議事大廳內,謝四爺招來管家詳細問了明日葬禮的事情。氣氛沉沉,壓抑的讓人有些透不過氣來。謝氏小輩,包括謝琰在內都默默不語。
隻是,在管事被揮退之後,謝道韞突然吐透,謝石曾留下了要讓妾室殉葬的遺言。
乍聞這消息,謝琰整個都僵住了,一股寒涼之意飛快地由腳底流躥到心間。臉上的震驚之色顯透無遺,似乎是不敢相信。
不止是他,謝氏小輩們也是麵麵相覷。
坐在謝琰下手位置的謝二,更是失手打翻茶水,“怎麼會?不可能……”
就連謝四爺,也眉起了頭,“區區一個妾室,怎能與家主同穴。”
謝道韞倒是極為鎮定。
似乎是早料到眾人的反應一般。她嘴角輕扯,露出一抹譏諷。
“四叔說得是,不過人死為大,六叔生前最寵愛她,既然是最後心願,為免亡魂不安,我覺得還是該照辦為好。所以,我早已讓人備好了涼席,便讓她躺靈棺之外侍奉六叔身側吧。”
至於謝二的失態,她隻當沒有看到。
謝二平日裏不顧她的警告與天錦走得頗近,現下聽到這個消息,肯定會無法接受。
果然。
謝二哆哆嗦嗦扶好茶杯,忍不住開口了,“堂姐,這真是六叔的遺願嗎,為何我與二哥都不知道?”
她這般質疑,謝道韞卻難得沒有動怒,隻是那幽幽目光看過來時,多了一抹嘲諷。
“不過是要一個賤妾殉葬罷了,值得弄得人盡皆知?若不是顧及出殯入葬怕出了差池,也沒有提起的必要。”

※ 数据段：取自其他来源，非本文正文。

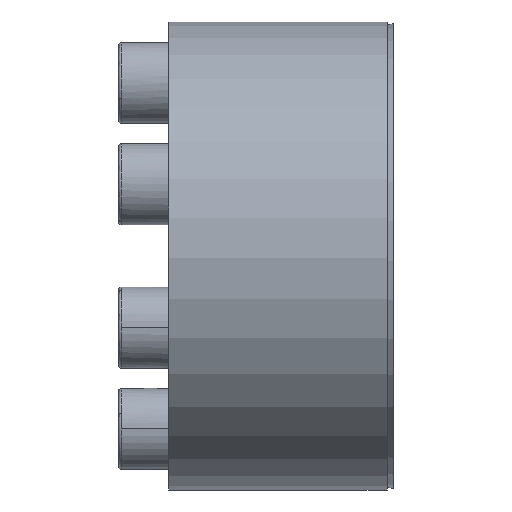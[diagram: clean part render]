
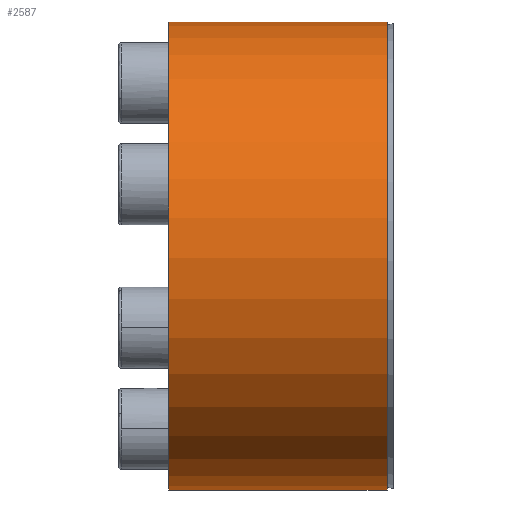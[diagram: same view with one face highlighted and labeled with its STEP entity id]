
A CAD part, left-side view. The second image highlights one B-rep face of the part: STEP entity #2587.
In plain terms, the highlighted cylindrical face has radius 37.5 mm (diameter 75 mm), a partial arc.
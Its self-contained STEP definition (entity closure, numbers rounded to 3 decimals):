
#202 = CARTESIAN_POINT ( 'NONE',  ( 0., 36.005, 0. ) ) ;
#804 = DIRECTION ( 'NONE',  ( 0., 1., 0. ) ) ;
#1111 = ORIENTED_EDGE ( 'NONE', *, *, #6217, .T. ) ;
#1314 = DIRECTION ( 'NONE',  ( 0., 0., 1. ) ) ;
#1494 = CYLINDRICAL_SURFACE ( 'NONE', #13425, 37.5 ) ;
#1550 = DIRECTION ( 'NONE',  ( 0., 1., 0. ) ) ;
#2041 = DIRECTION ( 'NONE',  ( 0., 1., 0. ) ) ;
#2403 = EDGE_CURVE ( 'NONE', #8876, #4929, #10942, .T. ) ;
#2587 = ADVANCED_FACE ( 'NONE', ( #6022 ), #1494, .T. ) ;
#2854 = CARTESIAN_POINT ( 'NONE',  ( 0.8, 48.797, 37.491 ) ) ;
#2925 = CARTESIAN_POINT ( 'NONE',  ( 0., 1.005, 0. ) ) ;
#3160 = AXIS2_PLACEMENT_3D ( 'NONE', #2925, #1550, #12098 ) ;
#3842 = ORIENTED_EDGE ( 'NONE', *, *, #12335, .T. ) ;
#4240 = VERTEX_POINT ( 'NONE', #7257 ) ;
#4259 = AXIS2_PLACEMENT_3D ( 'NONE', #202, #7787, #1314 ) ;
#4486 = EDGE_CURVE ( 'NONE', #4929, #4240, #6777, .T. ) ;
#4929 = VERTEX_POINT ( 'NONE', #6203 ) ;
#5001 = CARTESIAN_POINT ( 'NONE',  ( 0., 48.797, 0. ) ) ;
#5045 = DIRECTION ( 'NONE',  ( 0., -1., 0. ) ) ;
#6022 = FACE_OUTER_BOUND ( 'NONE', #7090, .T. ) ;
#6203 = CARTESIAN_POINT ( 'NONE',  ( -0.8, 1.005, 37.491 ) ) ;
#6217 = EDGE_CURVE ( 'NONE', #4240, #12104, #13351, .T. ) ;
#6777 = LINE ( 'NONE', #8374, #9634 ) ;
#7090 = EDGE_LOOP ( 'NONE', ( #11031, #11260, #1111, #3842 ) ) ;
#7257 = CARTESIAN_POINT ( 'NONE',  ( -0.8, 36.005, 37.491 ) ) ;
#7787 = DIRECTION ( 'NONE',  ( 0., -1., 0. ) ) ;
#8197 = LINE ( 'NONE', #2854, #11045 ) ;
#8374 = CARTESIAN_POINT ( 'NONE',  ( -0.8, 48.797, 37.491 ) ) ;
#8876 = VERTEX_POINT ( 'NONE', #9735 ) ;
#9634 = VECTOR ( 'NONE', #804, 1000. ) ;
#9735 = CARTESIAN_POINT ( 'NONE',  ( 0.8, 1.005, 37.491 ) ) ;
#10942 = CIRCLE ( 'NONE', #3160, 37.5 ) ;
#11031 = ORIENTED_EDGE ( 'NONE', *, *, #2403, .T. ) ;
#11045 = VECTOR ( 'NONE', #5045, 1000. ) ;
#11071 = CARTESIAN_POINT ( 'NONE',  ( 0.8, 36.005, 37.491 ) ) ;
#11260 = ORIENTED_EDGE ( 'NONE', *, *, #4486, .T. ) ;
#12098 = DIRECTION ( 'NONE',  ( 0., 0., 1. ) ) ;
#12104 = VERTEX_POINT ( 'NONE', #11071 ) ;
#12335 = EDGE_CURVE ( 'NONE', #12104, #8876, #8197, .T. ) ;
#12861 = DIRECTION ( 'NONE',  ( 0., 0., 1. ) ) ;
#13351 = CIRCLE ( 'NONE', #4259, 37.5 ) ;
#13425 = AXIS2_PLACEMENT_3D ( 'NONE', #5001, #2041, #12861 ) ;
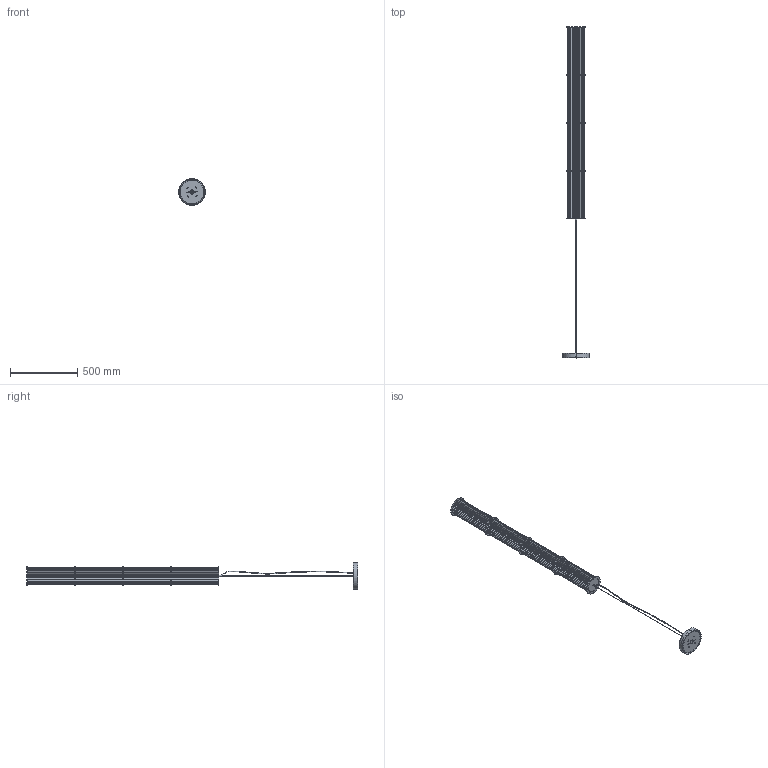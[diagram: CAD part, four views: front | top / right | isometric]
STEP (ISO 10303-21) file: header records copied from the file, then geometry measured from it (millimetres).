
FILE_DESCRIPTION (( 'STEP AP203' ), '1' );
FILE_NAME ('ORI_OR.S143.14_Suspensio 143cm (FORMA).STEP', '2025-07-08T07:53:21', ( '' ), ( '' ), 'SwSTEP 2.0', 'SolidWorks 2013', '' );
FILE_SCHEMA (( 'CONFIG_CONTROL_DESIGN' ));
Length unit declared in the file: millimetre
Products named in the file (13): GI111_Finalet Ø12x7_M10x1; GU023_CABLE ACER Ø1.5-bola Ø5 (BLACK); TP477_Pantalla plisada ORI (24 plecs); GU024 - SUSPENSOR M10 Cable Ø1.5 (BLACK); GI464-Disc Ø145x2_pas 101; MS050_Pasacable abierto Ø11xØ4_498070; GI463-Disc Ø145x2_pas 10; GI228_SUP. FIXACIÓ FLORÓ USA Ø200; GI471_Tija superior Ø12x50 ranura lat. M10x1_pasØ2; ORI_OR.S143.14_Suspensio 143cm (FORMA); AR109_Floró ø200x35 3T 2xM4 sistema USA (DOS FORATS); AG019_M4x8; KO219_Cable elèctric ORI suspensio
Assembly tree (19 placements, depth 2):
  ORI_OR.S143.14_Suspensio 143cm (FORMA)
    GI463-Disc Ø145x2_pas 10  x2
    GI111_Finalet Ø12x7_M10x1
    GI471_Tija superior Ø12x50 ranura lat. M10x1_pasØ2
    TP477_Pantalla plisada ORI (24 plecs)  x4
    KO219_Cable elèctric ORI suspensio
    GU023_CABLE ACER Ø1.5-bola Ø5 (BLACK)
    AR109_Floró ø200x35 3T 2xM4 sistema USA (DOS FORATS)
    GU024 - SUSPENSOR M10 Cable Ø1.5 (BLACK)
    MS050_Pasacable abierto Ø11xØ4_498070
    AG019_M4x8  x2
    GI464-Disc Ø145x2_pas 101  x3
    GI228_SUP. FIXACIÓ FLORÓ USA Ø200
Bounding box: 200 x 2472 x 204.5 mm (x, y, z)
Volume: 667637 mm3; surface area: 2085704.8 mm2
Topology: 19 solids, 19 shells, 1083 faces, 3064 edges, 2028 vertices
Faces by surface type: plane 633, cylinder 410, torus 24, cone 10, bspline 6
Entity records: 15011 total; most frequent: CARTESIAN_POINT 3024, DIRECTION 2266, ORIENTED_EDGE 2144, EDGE_CURVE 1072, AXIS2_PLACEMENT_3D 812, VERTEX_POINT 702, VECTOR 642, LINE 642

她說這話,謝琰一直盯著她殷紅的嘴唇,難以置信這樣風輕雲淡的就輕賤了一條鮮活人命的話,居然是從他處事大方周全的堂姐嘴裏說出來的。
從謝道韞的神情上,謝琰可以看出,她應該還不知道天錦真實身份。他心中稍作猜想,便明白六叔為何要做出這樣的決定。
天錦貴為北朝公主,失憶流落南朝,被如此欺辱迫害,有朝一日她拾回記憶或是被虞美人尋回,北朝的大軍定然會再次揮兵南下,瘋狂報複。
盡管他心知肚明,可是卻無法接受。
他好不容易才被迫接受了六叔離世的事實,又怎麼可能容忍天錦被活埋,太殘忍了。
因為心中實在是太震驚了,謝琰麵容變得煞白駭人。一想到在今夜之前,他甚至都不知道六叔瞞下他做出這樣決定,他全身的血液似乎都被凍結了一般。
夜風寒涼刺骨,他的後背汗津津。
謝琰是唯一知道這其中隱情,相比之下,謝二又驚又急。她插不進話,隻得求救般地看向謝琰。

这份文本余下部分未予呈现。